> _Work item_
Copy each line containing the word "drawing" from the records that follow, please.

[Stored dataset items]
"""

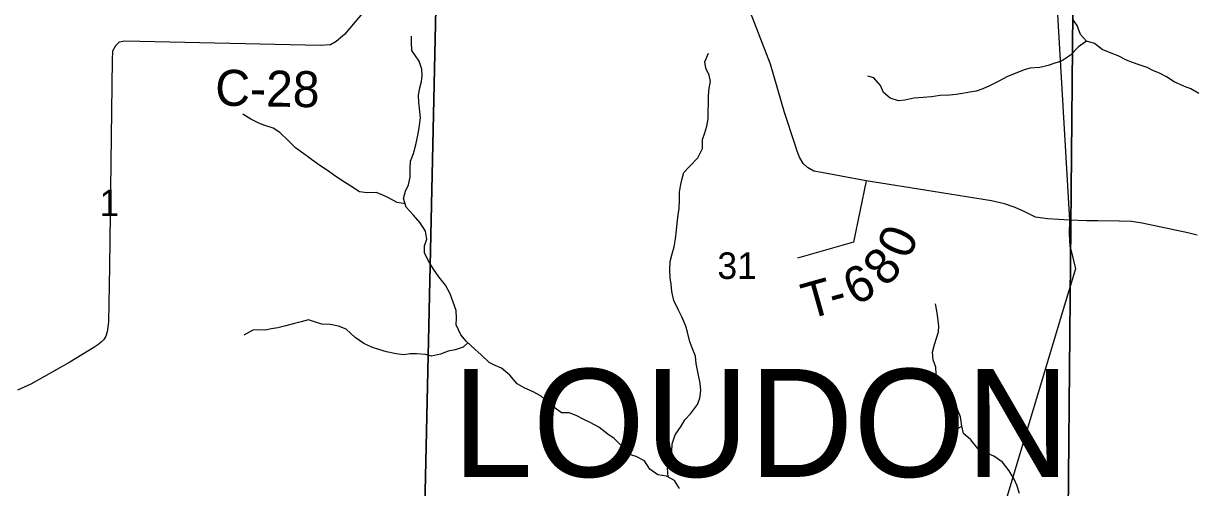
# Model space of a CAD drawing. Extents: x -3.6 to 34, y 0 to 32.8.
# Drawn here: x -0.41 to 1.441, y 29.117 to 29.85 of the extents above; entities that cross this region are included whole.
import ezdxf

# ---------------------------------------------------------------- set-up
doc = ezdxf.new("R2010")
doc.units = 0
for name, color, linetype in [('GM_X_Corporation', 7, 'Continuous'), ('GM_X_County_Road', 7, 'Continuous'), ('GM_X_County_Road_Text', 7, 'Continuous'), ('GM_X_Minor_Lake', 7, 'Continuous'), ('GM_X_Minor_River', 7, 'Continuous'), ('GM_X_Section_Text', 7, 'Continuous'), ('GM_X_Township_Road', 7, 'Continuous'), ('GM_X_Township_Road_Text', 7, 'Continuous'), ('GM_X_Township_Text', 7, 'Continuous')]:
    doc.layers.add(name, color=color, linetype=linetype)

msp = doc.modelspace()

# ---------------------------------------------------------------- linework, layer by layer
at = {"layer": 'GM_X_Corporation'}
for points in [[(-0.7755, 30.0957), (0.2459, 30.0789), (0.244, 29.9924), (0.223, 29.0627), (-0.7627, 29.0764), (-0.7893, 29.0771)], [(1.2483, 29.9822), (1.2386, 28.9647), (0.2524, 28.9828), (0.2209, 28.9831), (0.223, 29.0627), (0.244, 29.9924)], [(2.2535, 29.9602), (2.2411, 28.9502), (1.4051, 28.9619), (1.2386, 28.9647), (1.2483, 29.9822)]]:
    msp.add_lwpolyline(points, close=True, dxfattribs=at)
at = {"layer": 'GM_X_County_Road'}
for points in [[(0.1758, 29.9267), (0.0971, 29.8323), (0.0839, 29.8215), (0.0746, 29.8161), (0.0587, 29.8149), (-0.2499, 29.8219), (-0.2591, 29.8205), (-0.2647, 29.8143), (-0.2696, 29.8059), (-0.2699, 29.7923), (-0.2717, 29.6707), (-0.2742, 29.4665), (-0.2759, 29.3784), (-0.2777, 29.363), (-0.2798, 29.3561), (-0.2831, 29.3511), (-0.2871, 29.3467), (-0.2924, 29.3422), (-0.2991, 29.3381), (-0.3366, 29.315), (-0.3986, 29.2802), (-0.4194, 29.2707)], [(1.4436, 29.5156), (1.4286, 29.5194), (1.3568, 29.5346), (1.3396, 29.5371), (1.3204, 29.5377), (1.2864, 29.538), (1.2688, 29.5383), (1.2419, 29.5394), (1.2068, 29.5413), (1.1883, 29.5441), (1.1712, 29.5522), (1.1559, 29.5592), (1.1391, 29.5651), (1.1184, 29.5699), (1.0267, 29.5847), (0.9208, 29.6016), (0.881, 29.6085), (0.85, 29.6143), (0.8383, 29.6168), (0.8281, 29.6224), (0.8214, 29.6289), (0.8152, 29.6389), (0.8117, 29.648), (0.8079, 29.6599), (0.7918, 29.7093), (0.7696, 29.7854), (0.7256, 29.9001)]]:
    msp.add_lwpolyline(points, dxfattribs=at)
at = {"layer": 'GM_X_Minor_Lake'}
for points in [[(1.0386, 29.2705), (1.04, 29.2558), (1.0427, 29.2471), (1.0483, 29.2305), (1.0522, 29.2211), (1.0546, 29.2135), (1.0604, 29.2079), (1.0716, 29.2141)], [(1.0716, 29.2141), (1.0695, 29.2285), (1.0648, 29.2402), (1.0601, 29.2508), (1.0508, 29.2635), (1.0386, 29.2705)]]:
    msp.add_lwpolyline(points, dxfattribs=at)
at = {"layer": 'GM_X_Minor_River'}
for points in [[(1.4462, 29.7391), (1.4332, 29.7469), (1.4233, 29.7505), (1.4073, 29.7575), (1.3951, 29.7656), (1.384, 29.7712), (1.3745, 29.7752), (1.3646, 29.7804), (1.3516, 29.7847), (1.3414, 29.7883), (1.3318, 29.792), (1.3189, 29.7986), (1.3075, 29.803), (1.2934, 29.8089), (1.2815, 29.8185), (1.2689, 29.8221), (1.2593, 29.8322), (1.2538, 29.8469), (1.2465, 29.8571)], [(0.1945, 29.56), (0.1901, 29.5736), (0.193, 29.585), (0.1978, 29.5953), (0.2006, 29.6071), (0.2008, 29.6215), (0.2013, 29.6325), (0.2057, 29.6447), (0.2093, 29.6581), (0.2114, 29.668), (0.2135, 29.679), (0.2156, 29.6885), (0.2169, 29.7014), (0.216, 29.7109), (0.2143, 29.7257), (0.2138, 29.7359), (0.2151, 29.7462), (0.2183, 29.758), (0.2197, 29.7679), (0.2192, 29.7777), (0.2148, 29.7905), (0.2032, 29.807), (0.2026, 29.8203), (0.2025, 29.8298)], [(1.2689, 29.8221), (1.2562, 29.8128), (1.2432, 29.7998), (1.2293, 29.7904), (1.2184, 29.7872), (1.2079, 29.7837), (1.1947, 29.7804), (1.1799, 29.7791), (1.1701, 29.7766), (1.1562, 29.7711), (1.1438, 29.766), (1.1303, 29.759), (1.1156, 29.7512), (1.1051, 29.7464), (1.0942, 29.7429), (1.0844, 29.7412), (1.0727, 29.7395), (1.0629, 29.7375), (1.0523, 29.7369), (1.0375, 29.7359), (1.024, 29.7342), (1.0107, 29.7329), (0.996, 29.7319), (0.982, 29.7286), (0.9718, 29.7277), (0.9585, 29.7317), (0.9482, 29.741), (0.9431, 29.7519), (0.9327, 29.7639), (0.9232, 29.7668)], [(0.608, 29.1336), (0.6068, 29.1483), (0.6149, 29.1617), (0.6136, 29.1738), (0.6142, 29.1863), (0.6189, 29.2001), (0.6285, 29.2142), (0.6344, 29.2238), (0.6434, 29.2334), (0.6541, 29.248), (0.6581, 29.2583), (0.6595, 29.2701), (0.6585, 29.2818), (0.6561, 29.2943), (0.6524, 29.3128), (0.6511, 29.3246), (0.6471, 29.3348), (0.6424, 29.3472), (0.6384, 29.3623), (0.6359, 29.3721), (0.6297, 29.3868), (0.6242, 29.3974), (0.6172, 29.4124), (0.6139, 29.4268), (0.613, 29.4382), (0.6113, 29.448), (0.6104, 29.4609), (0.6113, 29.4738), (0.6142, 29.486), (0.6174, 29.497), (0.6195, 29.51), (0.6211, 29.5236), (0.6221, 29.5346), (0.6238, 29.5476), (0.6255, 29.5575), (0.6261, 29.5704), (0.6259, 29.5833), (0.6273, 29.5928), (0.6294, 29.6027), (0.6326, 29.6145), (0.6416, 29.6241), (0.655, 29.6376), (0.6623, 29.6525), (0.6625, 29.6669), (0.6657, 29.6772), (0.6693, 29.6878), (0.6711, 29.6993), (0.6713, 29.7099), (0.6718, 29.7247), (0.6716, 29.7361), (0.673, 29.7475), (0.6747, 29.7581), (0.673, 29.7683), (0.6676, 29.7792), (0.6659, 29.7894), (0.6717, 29.8032)], [(0.1929, 29.5651), (0.18, 29.567), (0.1663, 29.5744), (0.1564, 29.5795), (0.1469, 29.5828), (0.1325, 29.5826), (0.1204, 29.5839), (0.107, 29.5928), (0.0913, 29.6028), (0.0795, 29.6106), (0.0699, 29.6176), (0.0565, 29.6269), (0.0427, 29.6366), (0.0328, 29.644), (0.0194, 29.6533), (0.0082, 29.6653), (-0.0052, 29.6779), (-0.0155, 29.6846), (-0.0288, 29.689), (-0.0383, 29.6926), (-0.0509, 29.6985), (-0.0635, 29.7066)], [(0.6259, 29.1156), (0.6181, 29.128), (0.6055, 29.135), (0.5919, 29.1374), (0.5792, 29.1463), (0.5707, 29.1591), (0.5574, 29.1661), (0.5452, 29.1697), (0.5352, 29.1817), (0.5229, 29.1944), (0.5129, 29.2015), (0.4984, 29.2126), (0.485, 29.2196), (0.4747, 29.2244), (0.4625, 29.2307), (0.4519, 29.2351), (0.4394, 29.2353), (0.4294, 29.2423), (0.4176, 29.2524), (0.4076, 29.2613), (0.3946, 29.2683), (0.3817, 29.2738), (0.3698, 29.2808), (0.3579, 29.2943), (0.3448, 29.3055), (0.3349, 29.3099), (0.3254, 29.3143), (0.3127, 29.3266), (0.3031, 29.3348), (0.2889, 29.3483), (0.2808, 29.3584), (0.273, 29.3738), (0.274, 29.3845), (0.2731, 29.3966), (0.2687, 29.4098), (0.2636, 29.423), (0.2562, 29.4365), (0.2458, 29.45), (0.2373, 29.462), (0.2299, 29.4741), (0.2232, 29.4872), (0.2231, 29.4986), (0.2271, 29.5093), (0.225, 29.5221), (0.2165, 29.5349), (0.2057, 29.5473), (0.1945, 29.56)], [(1.1629, 29.1078), (1.1586, 29.1206), (1.1543, 29.1304), (1.1465, 29.1436), (1.1361, 29.1571), (1.1223, 29.1664), (1.1094, 29.1722), (1.0968, 29.1785), (1.086, 29.1924), (1.0745, 29.2024), (1.0716, 29.2141), (1.0695, 29.2285), (1.0648, 29.2402), (1.0601, 29.2508), (1.0508, 29.2635), (1.0386, 29.2705), (1.0343, 29.2822), (1.0314, 29.2966), (1.0309, 29.3072), (1.0265, 29.3185), (1.0256, 29.3307), (1.0288, 29.3432), (1.032, 29.3531), (1.0349, 29.3627), (1.0352, 29.3721), (1.0338, 29.385), (1.0321, 29.396), (1.0301, 29.4073)], [(0.2916, 29.3457), (0.2842, 29.3387), (0.2717, 29.3344), (0.2608, 29.3323), (0.2484, 29.3275), (0.2341, 29.3247), (0.2246, 29.3272), (0.2105, 29.3281), (0.2007, 29.328), (0.1905, 29.3267), (0.1784, 29.328), (0.1632, 29.3312), (0.151, 29.3348), (0.1411, 29.338), (0.1274, 29.3443), (0.114, 29.3539), (0.0994, 29.3674), (0.0873, 29.3721), (0.0744, 29.3746), (0.0611, 29.3748), (0.0512, 29.378), (0.0402, 29.382), (0.0285, 29.3788), (0.018, 29.376), (0.004, 29.3724), (-0.0084, 29.3695), (-0.0186, 29.3675), (-0.0284, 29.3654), (-0.0383, 29.366), (-0.0481, 29.3655), (-0.062, 29.3577)]]:
    msp.add_lwpolyline(points, dxfattribs=at)
at = {"layer": 'GM_X_Township_Road'}
for p, q in [((1.2071, 30.1375), (1.2419, 29.5394)), ((1.2353, 29.4101), (0.9908, 28.596))]:
    msp.add_line(p, q, dxfattribs=at)
for points in [[(0.9208, 29.6016), (0.9009, 29.5044), (0.8124, 29.4795)], [(1.2419, 29.5394), (1.2414, 29.5178), (1.2423, 29.4981), (1.2456, 29.4864), (1.2511, 29.4625), (1.2353, 29.4101)]]:
    msp.add_lwpolyline(points, dxfattribs=at)

# ---------------------------------------------------------------- texts
at = {"layer": 'GM_X_County_Road_Text'}
msp.add_text('C-28', height=0.05682, rotation=358.9708, dxfattribs=at).set_placement((-0.1076, 29.7203))
at = {"layer": 'GM_X_Section_Text'}
for s, height, p in [('1', 0.0419, (-0.29, 29.5457)), ('31', 0.04186, (0.6858, 29.4465))]:
    msp.add_text(s, height=height, rotation=0, dxfattribs=at).set_placement(p)
at = {"layer": 'GM_X_Township_Road_Text'}
for s, rotation, p in [('0', 66.6286, (0.9879, 29.4755)), ('8', 46.2341, (0.9515, 29.432)), ('6', 25.8396, (0.9023, 29.4038)), ('T', 15.6424, (0.8286, 29.3822)), ('-', 15.6424, (0.8695, 29.3936))]:
    msp.add_text(s, height=0.0568, rotation=rotation, dxfattribs=at).set_placement(p)
at = {"layer": 'GM_X_Township_Text'}
msp.add_text('LOUDON', height=0.17045, rotation=0, dxfattribs=at).set_placement((0.2673, 29.1339))

doc.saveas('drawing.dxf')

"""

> _Solution to the problem_
# Model space of a CAD drawing. Extents: x -3.6 to 34, y 0 to 32.8.
doc.saveas('drawing.dxf')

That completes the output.